Software development is a challenging road. Depending on the complexity of the program, it may be months or even years from the first brainstorming meeting until the product is finally ready.

Thus, it is important to adopt the most efficient methodologies possible, in order to shorten development time, delivering a quality product, without errors and whose construction was based on rigour. We recently addressed the importance of Testing Personas to the software testing process and today we focus on User Stories.

User Stories are short, simple descriptions of a feature from the point of view of the person who will be using the software, for example, a user or client. That is, it is the path that a visitor goes through to perform the action he or she has as a goal. As a rule, User Stories follow this default template:

As user type>, I want <goal> to <purpose>.

The purpose of a User Story is to articulate how a feature will serve the user or client. An example of a User Story relevant to the development of a particular software might be as follows:

"As an iPhone user, I should be able to sign in to my Facebook account through the mobile app and invite my Facebook friends to use the app."

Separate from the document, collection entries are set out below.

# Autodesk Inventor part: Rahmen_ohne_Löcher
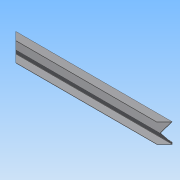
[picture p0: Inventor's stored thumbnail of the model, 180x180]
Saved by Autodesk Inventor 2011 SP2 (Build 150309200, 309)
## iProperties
Created: 2009-11
Part Number: Rahmen_ohne_Löcher
Document SubType Name: Modeling
Designer: gkramp
Density: 1 g/cm^3
Author: gkramp
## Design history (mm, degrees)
derived "Masterbaugruppe.iam"
sketch "Skizze1_1"
  geometry: L1 (-40, 100)-(0, 100) reference; L2 (0, 100)-(-30, 50) reference; L3 (-30, 50)-(-3.477, 10) reference; L4 (-3.477, 10)-(0, 10) reference; L5 (0, 10)-(0, 0) reference; L6 (0, 0)-(-40, 0) reference; L7 (0, 37.459)-(0, -9.286) reference; L8 (-3.707, 0)-(22.509, 0) reference; L9 (-40, 98.5)-(-2.649, 98.5) reference; L10 (-2.649, 98.5)-(-31.773, 49.96) reference; L11 (-31.773, 49.96)-(-4.283, 8.5) reference; L12 (-4.283, 8.5)-(-1.5, 8.5) reference; L13 (-1.5, 8.5)-(-1.5, 1.5) reference; L14 (-1.5, 1.5)-(-40, 1.5) reference; L15 (-40, 100)-(-40, 30.181); L16 (-40, 1.5)-(-40, 0); L17 (-40, 100)-(-40, 98.5) reference; L18 (-40, 1.5)-(-40, 0) reference
  constraints: 4 end point
extrude "Extrusion1" new body sketch "Skizze1_1" stored distance "d11" = 10; taper "d16" = 0 deg
node "Volumenkörper1"
node "Volumenkörpern"
node "Oberflächenkörpern"
node "BaugruppenMasterskizze.ipt:1"
node "Profilskizze.ipt:1"
node "Profilskizze.ipt:2"
sketch "Skizze1"
  geometry: L1 (-450, 500)-(-305.18, 355.18) reference; L2 (450, 500)-(305.18, 355.18) reference; L3 (-450, -500)-(-305.18, -355.18) reference; L4 (-305.18, -355.18)-(305.18, -355.18) reference; L5 (305.18, -355.18)-(450, -500) reference; L6 (305.18, 355.18)-(305.18, -355.18) reference; L7 (305.18, 355.18)-(-305.18, 355.18) reference; L8 (-305.18, 355.18)-(-305.18, -355.18) reference; L9 (-450, -500)-(450, -500) reference; L10 (450, -500)-(450, 500) reference; L11 (450, 500)-(-450, 500) reference; L12 (-450, 500)-(-450, -500) reference; L13 (0, 23.685)-(0, -25.883) reference; L14 (-18.992, 0)-(22.934, 0) reference; 9 further points
  constraints: 1 other
workplane "Arbeitsebene1"
workplane "Arbeitsebene2"
workplane "Arbeitsebene3"
workplane "Arbeitsebene4"
sketch "Skizze1_2"
  geometry: L1 (-40, 100)-(0, 100) reference; L2 (0, 100)-(-30, 50) reference; L3 (-30, 50)-(-3.477, 10) reference; L4 (-3.477, 10)-(0, 10) reference; L5 (0, 10)-(0, 0) reference; L6 (0, 0)-(-40, 0) reference; L7 (0, 37.459)-(0, -9.286) reference; L8 (-3.707, 0)-(22.509, 0) reference; L9 (-40, 98.5)-(-2.649, 98.5) reference; L10 (-2.649, 98.5)-(-31.773, 49.96) reference; L11 (-31.773, 49.96)-(-4.283, 8.5) reference; L12 (-4.283, 8.5)-(-1.5, 8.5) reference; L13 (-1.5, 8.5)-(-1.5, 1.5) reference; L14 (-1.5, 1.5)-(-40, 1.5) reference; L15 (-40, 100)-(-40, 98.5) reference; L16 (-40, 1.5)-(-40, 0) reference
other parameters: "d2" = 0, "d4" = 0, "d6" = 0, "d8" = 0, "d12" = 0, "d10" = 144.82031, "d12_1" = 90 deg, "d13" = 90 deg, "d14" = 90 deg, "d15" = 90 deg, "d4_2" = 3.4774, "d7_1" = 1.5, "d4_3" = 3.4774, "d7_2" = 1.5

On the other hand, this action generates another user story:

"iPhone user Facebook friends should receive an invitation email link so they can subscribe."

Another example of a user story would be:

"As the account administrator, I can back up all the information in the database."

Why is it important to create User Stories?

For development teams, user stories may seem like an additional, and sometimes unnecessary, step. However, user stories give context and associate tasks with the value that these tasks bring. Among other advantages, User Stories have the following benefits:

Stories focus on the user. A task list keeps programmers focused on what needs to be done, but user stories keep the team focused on troubleshooting real users.

Stories promote collaboration and creativity. With the final goal set, the team can work together to decide how to achieve the goal of the user. On the other hand, this collaboration turns out to be an incentive to think critically and creatively together, which is usually advantageous.

Finally, user stories help the team build priorities. By clearly defining the user stories and processes that need to be developed, the team needs to prioritize more clearly the resources and value that the user will take from them. You will, therefore, be better able to define what should be developed first or not.

The use of user stories is not a mandatory methodology, but can be very useful in developing software in the most efficient way possible.